勺夕清丽的五官顷刻皱在一起,玄泪欲滴,“公主”
“勺夕,我觉得这件青色罗裙比任何华丽礼服都要美上几分,来,帮我换上。”姚月哪会不知道这小丫头心疼担心主子,忙拉起她的手,淡笑安慰她说道。
勺夕默默地点头,为姚月换上了青色罗裙,梳好发式。
她兴奋又哀伤地也望着自己的主子,“公主无论怎么打扮,都是这般美丽。”
“是吗”姚月接过铜镜,却为镜中折射的绝世倾颜微微不安
戍时分,内务府一名小太监神色傲慢地领着姚月和勺夕往向铜雀台而去。
一路慢行,宫中各处雕梁画栋,长廊如带,楼台亭阁,参差环抱,修建得极为奢华。
姚月不禁心中感慨:没想到这离国的王宫居然不比北京故宫的迤俪雄伟差上几分。不知是那离帝是以多少百姓性命为代价换之而来的
刚步过百花丛中幽径,前方忽闻锣鼓齐鸣,隐隐约约可见宫女侍卫浩浩荡荡鱼贯上阶,两边列队排开。一看这阵容便知定是那离帝即将到来。

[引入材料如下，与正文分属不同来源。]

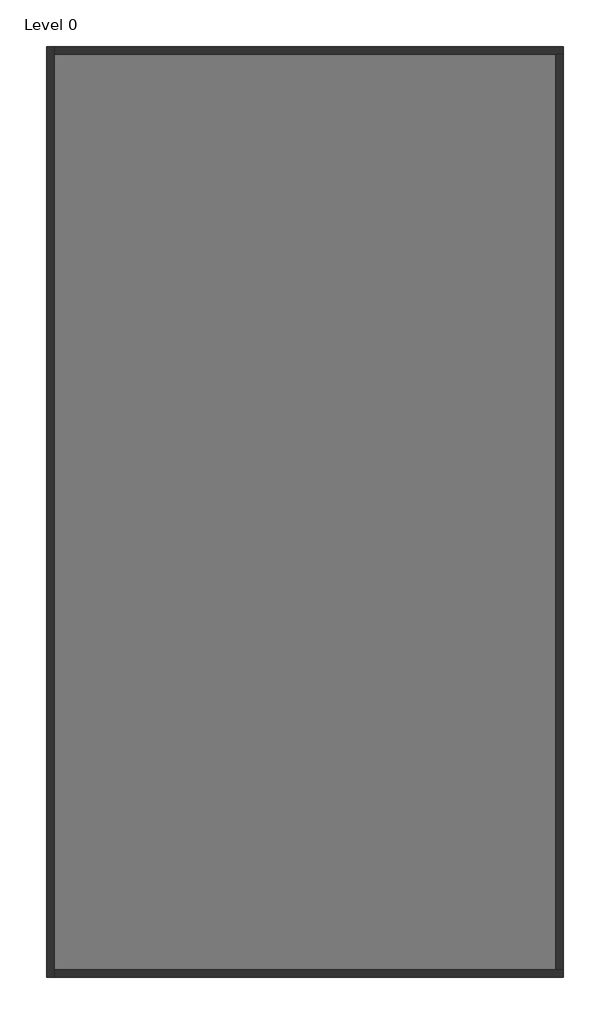
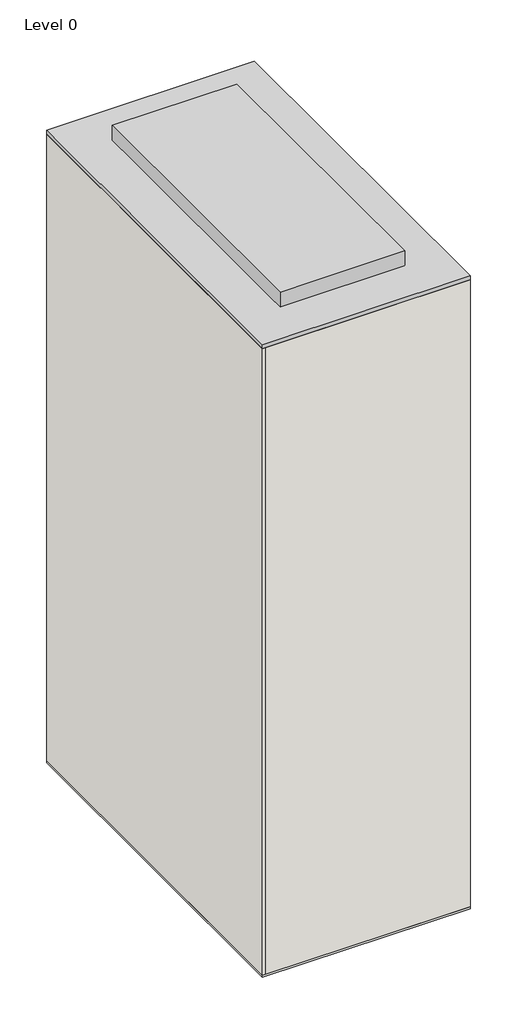
# One storey: 4 walls, 1 proxy, 1 slab.
"""IFC4 building model written with IfcOpenShell, lengths in millimetres."""

from ifc_helpers import new_model, si_unit, frame, origin, origin_with_axes, place, context, project, spatial, polyline, outline, extrude, faceted_brep, element, save

model = new_model("IFC4")

# Units and contexts
model_context = context("Model", 3, world=origin())
ifc_project = project(units=[si_unit("LENGTHUNIT", "METRE", prefix="MILLI")], contexts=[model_context])

# Site, building, storey
site = spatial("IfcSite", under=ifc_project)
building = spatial("IfcBuilding", under=site)
storey = spatial("IfcBuildingStorey", under=building, Name="Level 0", Elevation=100.0)

# Proxy
placement = place(None, origin())
element("IfcBuildingElementProxy", 1, Name="LowUrbanDensityBuilding : LowUrbanDensityBuilding", ObjectType="LowUrbanDensityBuilding : LowUrbanDensityBuilding", at=placement, inside=storey, context=model_context, shape_type="SweptSolid", body=[
    extrude(outline(polyline([(7325.2659446, 3676.2074539), (7325.2659446, -14323.7925461), (-2674.7340554, -14323.7925461), (-2674.7340554, 3676.2074539), (7325.2659446, 3676.2074539)])), origin_with_axes(), (0.0, 0.0, 1.0), 32200.0),
    extrude(outline(polyline([(5325.2659446, 1676.2074539), (5325.2659446, -12323.7925461), (-674.7340554, -12323.7925461), (-674.7340554, 1676.2074539), (5325.2659446, 1676.2074539)])), frame((0.0, 0.0, 32000.0), z_axis=(0.0, 0.0, 1.0), x_axis=(1.0, 0.0, 0.0)), (0.0, 0.0, 1.0), 949.8),
])

# Slab
element("IfcSlab", 2, ObjectType="Floor-Concrete_100Con", at=placement, inside=storey, context=model_context, shape_type="SweptSolid", body=[
    extrude(outline(polyline([(7325.2659446, 3676.2074539), (7325.2659446, -14323.7925461), (-2674.7340554, -14323.7925461), (-2674.7340554, 3676.2074539), (7325.2659446, 3676.2074539)])), origin_with_axes(), (0.0, 0.0, 1.0), 100.0),
])

# Walls
element("IfcWall", 3, ObjectType="Wall-Ext_25Rdr-100Blk-19P", at=placement, inside=storey, context=model_context, shape_type="Brep", body=[
    faceted_brep([(-2674.7340554, 3676.2074539, 100.0), (-2674.7340554, -14323.7925461, 100.0), (-2674.7340554, -14323.7925461, 32000.0), (-2674.7340554, 3676.2074539, 32000.0), (-2530.4340554, 3676.2074539, 100.0), (-2530.4340554, 3676.2074539, 32000.0), (-2530.4340554, 3531.9074539, 32000.0), (-2530.4340554, -14179.4925461, 32000.0), (-2530.4340554, -14323.7925461, 32000.0), (-2530.4340554, -14323.7925461, 100.0), (-2530.4340554, -14179.4925461, 100.0), (-2530.4340554, 3531.9074539, 100.0)], [[[0, 1, 2, 3]], [[4, 5, 6, 7, 8, 9, 10, 11]], [[1, 0, 4, 11, 10, 9]], [[3, 2, 8, 7, 6, 5]], [[2, 1, 9, 8]], [[0, 3, 5, 4]]]),
])
element("IfcWall", 4, ObjectType="Wall-Ext_25Rdr-100Blk-19P", at=placement, inside=storey, context=model_context, shape_type="Brep", body=[
    faceted_brep([(-2530.4340554, -14323.7925461, 100.0), (7325.2659446, -14323.7925461, 100.0), (7325.2659446, -14323.7925461, 32000.0), (-2530.4340554, -14323.7925461, 32000.0), (-2530.4340554, -14179.4925461, 100.0), (-2530.4340554, -14179.4925461, 32000.0), (7180.9659446, -14179.4925461, 32000.0), (7325.2659446, -14179.4925461, 32000.0), (7325.2659446, -14179.4925461, 100.0), (7180.9659446, -14179.4925461, 100.0)], [[[0, 1, 2, 3]], [[4, 5, 6, 7, 8, 9]], [[1, 0, 4, 9, 8]], [[3, 2, 7, 6, 5]], [[0, 3, 5, 4]], [[2, 1, 8, 7]]]),
])
element("IfcWall", 5, ObjectType="Wall-Ext_25Rdr-100Blk-19P", at=placement, inside=storey, context=model_context, shape_type="Brep", body=[
    faceted_brep([(7325.2659446, 3676.2074539, 100.0), (-2530.4340554, 3676.2074539, 100.0), (-2530.4340554, 3676.2074539, 32000.0), (7325.2659446, 3676.2074539, 32000.0), (7325.2659446, 3531.9074539, 100.0), (7325.2659446, 3531.9074539, 32000.0), (7180.9659446, 3531.9074539, 32000.0), (-2530.4340554, 3531.9074539, 32000.0), (-2530.4340554, 3531.9074539, 100.0), (7180.9659446, 3531.9074539, 100.0)], [[[0, 1, 2, 3]], [[4, 5, 6, 7, 8, 9]], [[1, 0, 4, 9, 8]], [[3, 2, 7, 6, 5]], [[2, 1, 8, 7]], [[0, 3, 5, 4]]]),
])
element("IfcWall", 6, ObjectType="Wall-Ext_25Rdr-100Blk-19P", at=placement, inside=storey, context=model_context, shape_type="SweptSolid", body=[
    extrude(outline(polyline([(7325.2659446, 3531.9074539), (7325.2659446, -14179.4925461), (7180.9659446, -14179.4925461), (7180.9659446, 3531.9074539), (7325.2659446, 3531.9074539)])), frame((0.0, 0.0, 100.0), z_axis=(0.0, 0.0, 1.0), x_axis=(1.0, 0.0, 0.0)), (0.0, 0.0, 1.0), 31900.0),
])

save(model, "model.ifc")

# Revit data of these elements
# Project information
#   Project Issue Date = "Issue Date"
#   Project Status = "Project Status"
#   Client Name = "Owner"
#   Project Address = "Enter address here"
#   Project Name = "Project Name"
#   Project Number = "Project Number"
# Type "Floor-Concrete_100Con"
#   Keynote = "E60/130"
#   Function = 0
#   Layers, outside or top first: 100 mm "Concrete" (function 1)
# Type "Wall-Ext_25Rdr-100Blk-19P"
#   Keynote = "F10"
#   Layers, outside or top first: 25.3 mm "Render, Beige, Smooth" (function 5); 100 mm "Concrete Masonry Units _Low Density" (function 1); 19 mm "Plaster" (function 5)
# Element 1 (IfcBuildingElementProxy, "LowUrbanDensityBuilding : LowUrbanDensityBuilding")
#   Phase Created = New Construction
#   Materials on its faces: "Default Form"
# Element 2 (IfcSlab, "Floor-Concrete_100Con")
#   Height Offset From Level = 0 mm
#   Phase Created = New Construction
#   Materials on its faces: "Concrete"
# Element 3 (IfcWall, "Wall-Ext_25Rdr-100Blk-19P")
#   Top Offset = 0 mm
#   Base Offset = 0 mm
#   wall height = 31900 mm
#   Phase Created = New Construction
#   Base Constraint = Level 0
#   Top Constraint = Level 8
#   Materials on its faces: "Render, Beige, Smooth", "Default Wall", "Plaster"
# Elements 4, 5, 6 (IfcWall, "Wall-Ext_25Rdr-100Blk-19P")
#   Top Offset = 0 mm
#   Base Offset = 0 mm
#   wall height = 31900 mm
#   Phase Created = New Construction
#   Base Constraint = Level 0
#   Top Constraint = Level 8
#   Materials on its faces: "Default Wall", "Render, Beige, Smooth", "Plaster"
# Materials
#   "Concrete": class "Concrete", colour RGB 120 120 120, transparency 0, Description = "Portland Cement Concrete", Cost = 0
#   "Render, Beige, Smooth": class "Generic", colour RGB 213 198 180, transparency 0, Description = "physical material", Cost = 0
#   "Concrete Masonry Units _Low Density": class "Masonry", colour RGB 181 181 181, transparency 0, Description = "Concrete masonry units", Cost = 0
#   "Plaster": class "Generic", colour RGB 249 249 249, transparency 0, Description = "Plaster", Cost = 0
#   "Default Form": class "Generic", colour RGB 185 189 196, transparency 0.5, Cost = 0
#   "Default Wall": class "Miscellaneous", colour RGB 128 128 128, transparency 0, Comments = "Rendering appearance not upgraded Rendering appearance not upgraded ", Cost = 0

走近那用数以万计理石堆彻而成的铜雀台,姚月不禁大为惊叹
铜雀台高约十丈,台上又建五层楼阁,在楼顶又置铜雀高一丈五,舒翼若飞,神态逼真。
“这不是韩妃吗”
姚月正对铜雀台的宏伟建造感叹之际,一道讥讽冷薄声突然扬起
随之,一阵浓郁香粉脂气飘入鼻息
“哈七”
姚月自小对花粉过敏,更何况这如此浓烈的香粉气。
“韩妃,你太过份”愤怒的声音尖锐扬起。
姚月不由掩鼻往声音方向望去
一女子约十六七岁,着了一件紫罗兰色拖尾拽地对襟收腰振袖的长裙,缎面绘着朵朵芙蓉。神态娇媚,明眸皓齿,可算是个出色的小美人。
“奴婢叩见蓉妃娘娘。”见状,勺夕忙上前,对此女微微揖礼。
“奴婢叩见韩妃娘娘。”此刻,蓉妃身后的宫女这才对姚月揖了一礼,只不过那神态傲怠十分。
姚月淡淡一笑,原来是那暴君兴宠的蓉妃,莫怪连婢女也如此傲慢无礼
昨日,她已让勺夕一一详细告诉她这后宫里的基本情势早从电视小说中得知,这宫门深似海,相互倾轧屡见不鲜,她并不想在末找到出宫的办法之前,已然成了这后宫的一缕幽魂。
“蓉妃妹妹,姐姐有鼻患,千万莫要见怪。”姚月朝她轻展笑颜,那唇角顷刻盛开一对琼花,在月色下如此清美惊人。
蓉妃目光微微一怔,眼前的女子一身素衣,一颦一笑竟已这般
清艳脱俗,若华服盛妆岂不美憾凡尘
只是离帝为何对这绝世美人这般异常冷落。